Вот она, Клашка, какое сказала Мите, и тут он совершенно уже смешался.

Мало того что смешался Митя — что-то тот раз и Степан подумал: «Рассмотреться, так Митя и в самом деле парнишечка — куда с добром. Чистенький. Разговор городской. Приятный очень. Грамотный. Мужицким потом от его не пахнет…» И припомнил даже, что Клашка-то не в первый раз уполномоченного вот так по волосенкам кудрявым треплет, и еще стал вспоминать, какие прежде того слова были Клашкой ему сказаны…

Ладно, что не высказал тогда Клашке какого слова, что не догадалась она, об чем он задумался. Ладно, что не сказал — все про себя да про себя. Прошло еще сколько дней, ложились они спать, и вдруг Клашка спросила:

— Степа, ты не примечаешь ли, Васятка-то наш с тобой на уполномоченного Митю очень похожий? Только что не кудрявый?!

— Выдумываешь ты все, Клавдия. Откуда что берешь?!

— Ты не перечь. Матери виднее, как тебе: не с лица, говорю, похожий, а с души. Ласковый вроде, а когда и вовсе упрямый так же. И сидит-сидит, после задумается вдруг. Одинаково у их получается… Нет, ты мне не скажи, очень похожие они…

— Ну, а хотя бы? Что из того?

— Тебе-то, может, и ничто. А я с Мити глаз не спускаю — Васятку хочу угадать, какой Васятка будет… И Васятка-то к ему тянется, все на его глядит. Так пускай и он хорошее видит. На дурное-то успеет еще наглядеться.

Вот у нее, у Клашки, какая, оказывается, была забота!

И ты скажи, как раз с того самого дня, как эти свои заботы Клавдия объяснила, и у Степана с Митей тоже дружба завязалась. У них и прежде всегда уважительный шел разговор, серьезный, а после того Митя в мастерскую стал захаживать, и сидели они там немало времени. И Митя Степана слушал терпеливо, и Степан — Митю.

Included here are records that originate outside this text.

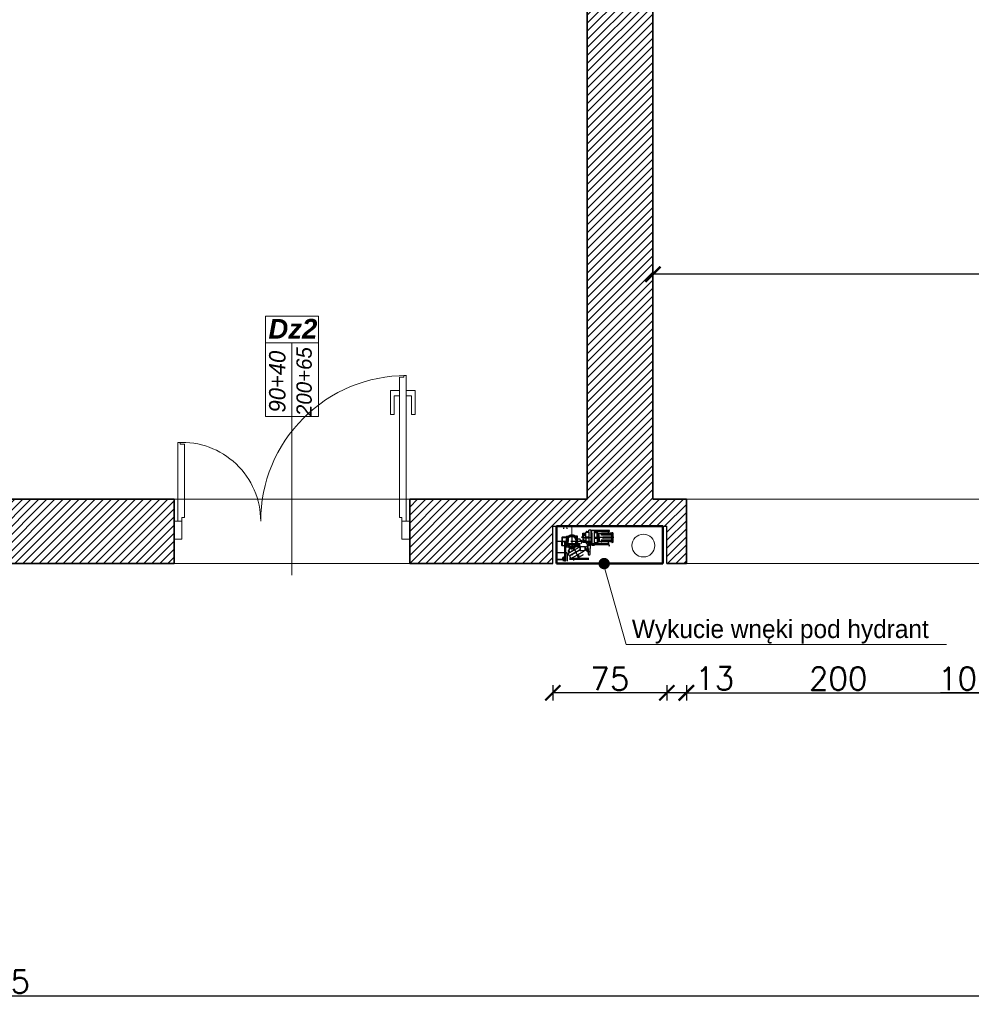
# Model space of a CAD drawing. Header units: millimetres. Extents: x -587 to 358276, y -26688 to 221215.
# Tile 250 of 256: x 15619 to 16245, y 10531 to 11179. Entities that reach past the tile are written whole.
import ezdxf
from ezdxf.lldxf.tags import DXFTag

# ---------------------------------------------------------------- set-up
doc = ezdxf.new("R2010")
doc.units = ezdxf.units.MM
doc.header["$MEASUREMENT"] = 0
doc.linetypes.add('ACAD_ISO10W100', pattern=[18, 12, -3, 0, -3])
doc.linetypes.add('DASHED', pattern=[19.05, 12.7, -6.35])
for name, color, linetype, lineweight in [('A_istniejące ściany', 7, 'Continuous', 35), ('A_l.przerywana', 250, 'ICAD_ISO03W100', 9), ('A_okna wymieniane', 5, 'Continuous', 15), ('A_opisy', 166, 'Continuous', 15), ('l.przekrojowa', 5, 'Continuous', 30), ('l.przerywana', 104, 'ICAD_ISO03W100', 5), ('l.wypełnien', 253, 'Continuous', 5), ('Nowe_820-G Rysunki Obrazki_Nr_pióra__1', 7, 'Continuous', 13), ('Nowe_820-G Rysunki Obrazki_Nr_pióra__23', 7, 'Continuous', 15), ('WYMIAROWA', 1, 'Continuous', 20), ('wymiarowanie', 176, 'Continuous', 9)]:
    doc.layers.add(name, color=color, linetype=linetype, lineweight=lineweight)
doc.layers.add('osie', color=8, linetype='ACAD_ISO10W100')
doc.styles.add('ARIALL', font='GOTHIC.TTF', dxfattribs={"height": 40})
doc.styles.add('ROMANS', font='romans')
doc.styles.add('styl2', font='simplex.shx')
tags = doc.linetypes.add('ICAD_ISO03W100', pattern=[30, 12, -18]).pattern_tags.tags
tags[6:7] = [DXFTag(74, 4), DXFTag(75, 0), DXFTag(340, '0'), DXFTag(46, 1.0), DXFTag(50, 0.0), DXFTag(44, 0.0), DXFTag(45, 0.0)]
tags[4:5] = [DXFTag(74, 4), DXFTag(75, 0), DXFTag(340, '0'), DXFTag(46, 1.0), DXFTag(50, 0.0), DXFTag(44, 0.0), DXFTag(45, 0.0)]
doc.dimstyles.new('Kopia I_1.100', dxfattribs={"dimtxt": 15, "dimasz": 10, "dimexe": 5, "dimexo": 1, "dimgap": 1.5, "dimtad": 1, "dimdec": 1, "dimrnd": 0.5, "dimtxsty": 'styl2', "dimblk": 'ARCHTICK', "dimcen": 5, "dimadec": 0, "dimazin": 0, "dimtfac": 1, "dimtdec": 1, "dimtmove": 0, "dimatfit": 3, "dimldrblk": 'ARCHTICK', "dimfxl": 10, "dimfxlon": 1, "dimarcsym": 0})

# ---------------------------------------------------------------- blocks, each defined once
blk = doc.blocks.new('_ArchTick')
at = {"color": 0, "linetype": 'ByBlock', "const_width": 0.15}
blk.add_lwpolyline([(-0.5, -0.5), (0.5, 0.5)], dxfattribs=at)
blk = doc.blocks.new('*D4189')
at = {"layer": 'Defpoints', "color": 0}
for p in [(14932.23, 10596.21), (16267.42, 10581.82), (16267.42, 10536.99)]:
    blk.add_point(p, dxfattribs=at)
at = {"layer": 'wymiarowanie', "color": 0, "lineweight": -2}
for p, q in [((14932.23, 10541.99), (14932.23, 10531.99)), ((16267.42, 10541.99), (16267.42, 10531.99)), ((14932.23, 10536.99), (16267.42, 10536.99))]:
    blk.add_line(p, q, dxfattribs=at)
at = {"layer": 'wymiarowanie', "color": 0, "lineweight": -2, "xscale": 10, "yscale": 10, "zscale": 10, "rotation": 180}
blk.add_blockref('_ArchTick', (14932.23, 10536.99), dxfattribs=at)
at = {"layer": 'wymiarowanie', "color": 0, "lineweight": -2, "xscale": 10, "yscale": 10, "zscale": 10}
blk.add_blockref('_ArchTick', (16267.42, 10536.99), dxfattribs=at)
at = {"layer": 'wymiarowanie', "color": 0, "insert": (15599.82, 10546.37), "char_height": 15, "attachment_point": 5, "style": 'styl2'}
blk.add_mtext('1335', dxfattribs=at)
blk = doc.blocks.new('*D4219')
at = {"layer": 'Defpoints', "color": 0}
for p in [(16044.57, 10821.43), (16057.45, 10821.43), (16044.57, 10736.36)]:
    blk.add_point(p, dxfattribs=at)
at = {"layer": 'wymiarowanie', "color": 0, "lineweight": -2}
for p, q in [((16044.57, 10741.36), (16044.57, 10731.36)), ((16057.45, 10741.36), (16057.45, 10731.36)), ((16057.45, 10736.36), (16044.57, 10736.36))]:
    blk.add_line(p, q, dxfattribs=at)
at = {"layer": 'wymiarowanie', "color": 0, "lineweight": -2, "xscale": 10, "yscale": 10, "zscale": 10, "rotation": 180}
blk.add_blockref('_ArchTick', (16044.57, 10736.36), dxfattribs=at)
at = {"layer": 'wymiarowanie', "color": 0, "lineweight": -2, "xscale": 10, "yscale": 10, "zscale": 10}
blk.add_blockref('_ArchTick', (16057.45, 10736.36), dxfattribs=at)
at = {"layer": 'wymiarowanie', "color": 0, "insert": (16076.12, 10745.91), "char_height": 15, "attachment_point": 5, "style": 'styl2'}
blk.add_mtext('13', dxfattribs=at)
blk = doc.blocks.new('*D4220')
at = {"layer": 'Defpoints', "color": 0}
for p in [(15969.57, 10821.43), (16044.57, 10821.43), (15969.57, 10736.36)]:
    blk.add_point(p, dxfattribs=at)
at = {"layer": 'wymiarowanie', "color": 0, "lineweight": -2}
for p, q in [((15969.57, 10741.36), (15969.57, 10731.36)), ((16044.57, 10741.36), (16044.57, 10731.36)), ((16044.57, 10736.36), (15969.57, 10736.36))]:
    blk.add_line(p, q, dxfattribs=at)
at = {"layer": 'wymiarowanie', "color": 0, "lineweight": -2, "xscale": 10, "yscale": 10, "zscale": 10, "rotation": 180}
blk.add_blockref('_ArchTick', (15969.57, 10736.36), dxfattribs=at)
at = {"layer": 'wymiarowanie', "color": 0, "lineweight": -2, "xscale": 10, "yscale": 10, "zscale": 10}
blk.add_blockref('_ArchTick', (16044.57, 10736.36), dxfattribs=at)
at = {"layer": 'wymiarowanie', "color": 0, "insert": (16007.07, 10745.55), "char_height": 15, "attachment_point": 5, "style": 'styl2'}
blk.add_mtext('75', dxfattribs=at)
blk = doc.blocks.new('*D4221')
at = {"layer": 'Defpoints', "color": 0}
for p in [(16057.45, 10821.43), (16257.26, 10821.43), (16257.26, 10736.36)]:
    blk.add_point(p, dxfattribs=at)
at = {"layer": 'wymiarowanie', "color": 0, "lineweight": -2}
for p, q in [((16057.45, 10741.36), (16057.45, 10731.36)), ((16257.26, 10741.36), (16257.26, 10731.36)), ((16057.45, 10736.36), (16257.26, 10736.36))]:
    blk.add_line(p, q, dxfattribs=at)
at = {"layer": 'wymiarowanie', "color": 0, "lineweight": -2, "xscale": 10, "yscale": 10, "zscale": 10, "rotation": 180}
blk.add_blockref('_ArchTick', (16057.45, 10736.36), dxfattribs=at)
at = {"layer": 'wymiarowanie', "color": 0, "lineweight": -2, "xscale": 10, "yscale": 10, "zscale": 10}
blk.add_blockref('_ArchTick', (16257.26, 10736.36), dxfattribs=at)
at = {"layer": 'wymiarowanie', "color": 0, "insert": (16157.35, 10745.74), "char_height": 15, "attachment_point": 5, "style": 'styl2'}
blk.add_mtext('200', dxfattribs=at)
blk = doc.blocks.new('*D4222')
at = {"layer": 'Defpoints', "color": 0}
for p in [(16257.26, 10821.43), (16267.42, 10777.06), (16267.42, 10736.36)]:
    blk.add_point(p, dxfattribs=at)
at = {"layer": 'wymiarowanie', "color": 0, "lineweight": -2}
for p, q in [((16257.26, 10741.36), (16257.26, 10731.36)), ((16267.42, 10741.36), (16267.42, 10731.36)), ((16257.26, 10736.36), (16224.61, 10736.36)), ((16257.26, 10736.36), (16267.42, 10736.36))]:
    blk.add_line(p, q, dxfattribs=at)
at = {"layer": 'wymiarowanie', "color": 0, "lineweight": -2, "xscale": 10, "yscale": 10, "zscale": 10, "rotation": 180}
blk.add_blockref('_ArchTick', (16257.26, 10736.36), dxfattribs=at)
at = {"layer": 'wymiarowanie', "color": 0, "lineweight": -2, "xscale": 10, "yscale": 10, "zscale": 10}
blk.add_blockref('_ArchTick', (16267.42, 10736.36), dxfattribs=at)
at = {"layer": 'wymiarowanie', "color": 0, "insert": (16235.86, 10745.74), "char_height": 15, "attachment_point": 5, "style": 'styl2'}
blk.add_mtext('10', dxfattribs=at)
blk = doc.blocks.new('*D4225')
at = {"layer": 'Defpoints', "color": 0}
for p in [(16035.43, 11076.54), (16565.45, 11052.2), (16035.43, 11011.82)]:
    blk.add_point(p, dxfattribs=at)
at = {"layer": 'wymiarowanie', "color": 0, "lineweight": -2}
for p, q in [((16035.43, 11016.82), (16035.43, 11006.82)), ((16565.45, 11016.82), (16565.45, 11006.82)), ((16565.45, 11011.82), (16035.43, 11011.82))]:
    blk.add_line(p, q, dxfattribs=at)
at = {"layer": 'wymiarowanie', "color": 0, "lineweight": -2, "xscale": 10, "yscale": 10, "zscale": 10, "rotation": 180}
blk.add_blockref('_ArchTick', (16035.43, 11011.82), dxfattribs=at)
at = {"layer": 'wymiarowanie', "color": 0, "lineweight": -2, "xscale": 10, "yscale": 10, "zscale": 10}
blk.add_blockref('_ArchTick', (16565.45, 11011.82), dxfattribs=at)
at = {"layer": 'wymiarowanie', "color": 0, "insert": (16300.44, 11021.19), "char_height": 15, "attachment_point": 5, "style": 'styl2'}
blk.add_mtext('530', dxfattribs=at)

msp = doc.modelspace()

# ---------------------------------------------------------------- hatches: boundary and pattern name
at = {"layer": 'l.wypełnien'}
h = msp.add_hatch(dxfattribs=at)
h.set_pattern_fill('ANSI31', color=256, scale=30, style=0)
h.set_pattern_definition([(45, (4866.0028, 29.4387), (-2.6516504, 2.6516504), [])])
h.paths.add_polyline_path([(15875.41, 10837.51), (15875.41, 10821.43), (15969.57, 10821.43), (15969.57, 10845.98), (16044.57, 10845.98), (16044.57, 10821.43), (16057.45, 10821.43), (16057.45, 10863.76), (16035.43, 10863.76), (16035.43, 11163.76), (16035.43, 11360.75), (16115.87, 11360.75), (16115.87, 11375.99), (16115.87, 11387.85), (16115.87, 11403.93), (16035.43, 11403.93), (15992.25, 11403.93), (15992.25, 11163.76), (15992.25, 10863.76), (15875.41, 10863.76), (15875.41, 10849.37)])
h.paths.add_polyline_path([(16270.81, 11403.93), (16270.81, 11360.75), (16468.93, 11360.75), (16468.93, 11403.93)])
h.paths.add_polyline_path([(15182.23, 10821.43), (15272.43, 10821.43), (15291.43, 10821.43), (15310.43, 10821.43), (15329.43, 10821.43), (15354.71, 10821.43), (15354.71, 10837.51), (15354.71, 10849.37), (15354.71, 10863.76), (15182.23, 10863.76)])
h.paths.add_polyline_path([(15583.87, 10821.43), (15720.47, 10821.43), (15720.47, 10863.76), (15583.87, 10863.76)])
h.paths.add_polyline_path([(15509.65, 10863.76), (15509.65, 10849.37), (15509.65, 10837.51), (15509.65, 10821.43), (15583.87, 10821.43), (15583.87, 10863.76)])
h.paths.add_polyline_path([(16623.87, 11403.93), (16623.87, 11360.75), (16665.43, 11360.75), (16665.43, 11403.93)])
h.paths.add_polyline_path([(15146.43, 10863.76), (15146.43, 10821.43), (15182.23, 10821.43), (15182.23, 10863.76)])

# ---------------------------------------------------------------- linework, layer by layer
at = {"layer": 'A_istniejące ściany', "color": 7}
for points in [[(15992.25, 11403.93), (15992.25, 11163.76)], [(16035.43, 11360.75), (16035.43, 11163.76)], [(16035.43, 11163.76), (16035.43, 11360.75)], [(15992.25, 11163.76), (15992.25, 10863.76)], [(16035.43, 10863.76), (16035.43, 11163.76)], [(16035.43, 11163.76), (16035.43, 10863.76)], [(15720.47, 10863.76), (15509.65, 10863.76)], [(15720.47, 10821.43), (15720.47, 10863.76)], [(15992.25, 10863.76), (15875.41, 10863.76)], [(15875.41, 10863.76), (15875.41, 10821.43)], [(15875.41, 10863.76), (15875.41, 10849.37)], [(16057.45, 10863.76), (16035.43, 10863.76)], [(16057.45, 10821.43), (16057.45, 10863.76)], [(15720.47, 10837.51), (15720.47, 10821.43)], [(15720.47, 10821.43), (15509.65, 10821.43)], [(15875.41, 10821.43), (15969.57, 10821.43)], [(15969.57, 10821.43), (15875.41, 10821.43)], [(16044.57, 10821.43), (16057.45, 10821.43)]]:
    msp.add_lwpolyline(points, dxfattribs=at)
at = {"layer": 'A_l.przerywana', "color": 7, "ltscale": 0.3}
for points in [[(15720.47, 10863.76), (15875.41, 10863.76)], [(15875.41, 10821.43), (15720.47, 10821.43)], [(15875.41, 10821.43), (15720.47, 10821.43)]]:
    msp.add_lwpolyline(points, dxfattribs=at)
at = {"layer": 'A_okna wymieniane', "lineweight": 9}
for points in [[(15870.33, 10849.37), (15873.12, 10849.37), (15873.12, 10945.14), (15871.62, 10945.12), (15871.44, 10943.98), (15868.59, 10943.98), (15868.59, 10851.67), (15870.33, 10851.67), (15870.33, 10849.37)], [(15725.55, 10849.37), (15722.77, 10849.37), (15722.77, 10901.09), (15724.27, 10901.08), (15724.45, 10899.93), (15727.3, 10899.93), (15727.3, 10851.67), (15725.55, 10851.67), (15725.55, 10849.37)]]:
    msp.add_lwpolyline(points, dxfattribs=at)
at = {"layer": 'A_okna wymieniane'}
for points in [[(15868.59, 10935.22), (15862.79, 10935.22), (15862.79, 10919.56), (15865.11, 10919.56), (15865.11, 10931.74), (15868.59, 10931.74)], [(15873.12, 10935.22), (15878.92, 10935.22), (15878.92, 10919.56), (15876.6, 10919.56), (15876.6, 10931.74), (15873.12, 10931.74)]]:
    msp.add_lwpolyline(points, dxfattribs=at)
at = {"layer": 'A_okna wymieniane', "linetype": 'Continuous', "lineweight": 15}
for points in [[(15725.55, 10849.37), (15720.47, 10849.37)], [(15725.55, 10837.51), (15725.55, 10849.37)], [(15725.55, 10844.29), (15725.55, 10841.75)], [(15875.41, 10849.37), (15870.33, 10849.37)], [(15870.33, 10849.37), (15870.33, 10837.51)], [(15720.47, 10837.51), (15725.55, 10837.51)], [(15870.33, 10837.51), (15875.41, 10837.51)]]:
    msp.add_lwpolyline(points, dxfattribs=at)
at = {"layer": 'A_okna wymieniane', "linetype": 'ICAD_ISO03W100', "lineweight": 13, "ltscale": 0.3}
msp.add_arc((15873.12, 10849.37), 95.77, 89.94689, 179.99967, dxfattribs=at)
at = {"layer": 'A_okna wymieniane', "linetype": 'ICAD_ISO03W100', "ltscale": 0.3}
msp.add_arc((15725.55, 10849.37), 51.8, 0.00075, 93.08214, dxfattribs=at)
at = {"layer": 'A_opisy'}
msp.add_line((15797.94, 10918.15), (15797.94, 10813.88), dxfattribs=at)
at = {"layer": 'A_opisy', "ltscale": 0.3}
for points in [[(15815.47, 10984.11), (15815.47, 10966.59), (15780.42, 10966.59), (15780.42, 10984.11)], [(15780.42, 10918.15), (15780.42, 10966.59), (15797.94, 10966.59), (15797.94, 10918.15)], [(15797.94, 10918.15), (15797.94, 10966.59), (15815.47, 10966.59), (15815.47, 10918.15)]]:
    msp.add_lwpolyline(points, close=True, dxfattribs=at)
at = {"layer": 'A_opisy', "const_width": 3.75}
msp.add_lwpolyline([(16005.23, 10821.43, 1), (16001.48, 10821.43, 1)], format="xyb", close=True, dxfattribs=at)
at = {"layer": 'l.przekrojowa', "color": 7}
for p, q in [((15969.57, 10821.43), (15969.57, 10845.98)), ((15969.57, 10845.98), (16044.57, 10845.98)), ((16044.57, 10821.43), (16044.57, 10845.98))]:
    msp.add_line(p, q, dxfattribs=at)
at = {"layer": 'l.przerywana', "color": 7, "ltscale": 0.3}
msp.add_lwpolyline([(16057.45, 10863.76), (16257.26, 10863.76), (16257.26, 10821.43), (16057.45, 10821.43)], close=True, dxfattribs=at)
at = {"layer": 'Nowe_820-G Rysunki Obrazki_Nr_pióra__1', "color": 7, "linetype": 'Continuous', "lineweight": 13}
for points in [[(15720.47, 10863.76), (15720.47, 10849.37)], [(15875.41, 10837.51), (15875.41, 10821.43)]]:
    msp.add_lwpolyline(points, dxfattribs=at)
at = {"layer": 'Nowe_820-G Rysunki Obrazki_Nr_pióra__23', "color": 7, "linetype": 'Continuous', "lineweight": 15}
for points in [[(15720.47, 10849.37), (15720.47, 10837.51)], [(15720.47, 10849.37), (15720.47, 10837.51)], [(15870.33, 10841.75), (15870.33, 10844.29)], [(15875.41, 10837.51), (15875.41, 10849.37)], [(15875.41, 10837.51), (15875.41, 10849.37)], [(15509.65, 10821.43), (15720.47, 10821.43)]]:
    msp.add_lwpolyline(points, dxfattribs=at)
at = {"layer": 'osie', "color": 1, "linetype": 'DASHED'}
for p, q in [((15975.77, 10838.81), (15975.57, 10838.61)), ((15975.57, 10838.61), (15978.56, 10838.62)), ((15975.57, 10838.61), (15975.58, 10835.91)), ((15978.56, 10838.82), (15975.77, 10838.81)), ((15975.77, 10838.81), (15975.79, 10833.02)), ((15978.56, 10839.42), (15978.57, 10835.93)), ((15978.56, 10839.42), (15979.66, 10839.42)), ((15978.56, 10838.4), (15979.67, 10838.4)), ((15979.66, 10839.42), (15979.68, 10835.93)), ((15982.18, 10840.13), (15982.18, 10830.95)), ((15985.76, 10839.39), (15984.7, 10839.38)), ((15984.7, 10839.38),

У Степана слова были всякий раз одни, могли бы и надоесть, оскомину уже набить.

— Мужик сеет-пашет,— Степан говорил ему,— скотину водит. Ребятишек родит. Но по тебе, Митя, это все не так. Не та у мужика жизнь — темная, земляная. И хочешь ты мужика нарушить. Раз и навсегда нарушить хочешь его. А — не рано ли? Откудова ты знаешь, что пора для того настала? Поломать — завсегда просто, а что заместо того выдумаешь? Какую правильную жизнь? Чтобы человек и сытым был и знал бы, зачем живет? Точно это тебе известно? Что мужика надо нарушить, а колхоз сладить? Дело тут без обмана? Без ошибки? Потому что, поимей в виду, мужик — он земле хозяин. Она ведь как сделала, Советская власть: не только что в Сибири — во всем государстве землю оставила за мужиком… Ей все одно, земле, какие тут слова, Митя, мы с тобой говорим… Ей дай хозяина, чтобы он ее пахал и миловал… Вот она, лежит сию минуту под снегом, вроде мертвая. Скоро таять зачнет. Отчего это? Ты скажешь: от солнца… А я скажу еще и другое: от дум от мужицких, от забот его.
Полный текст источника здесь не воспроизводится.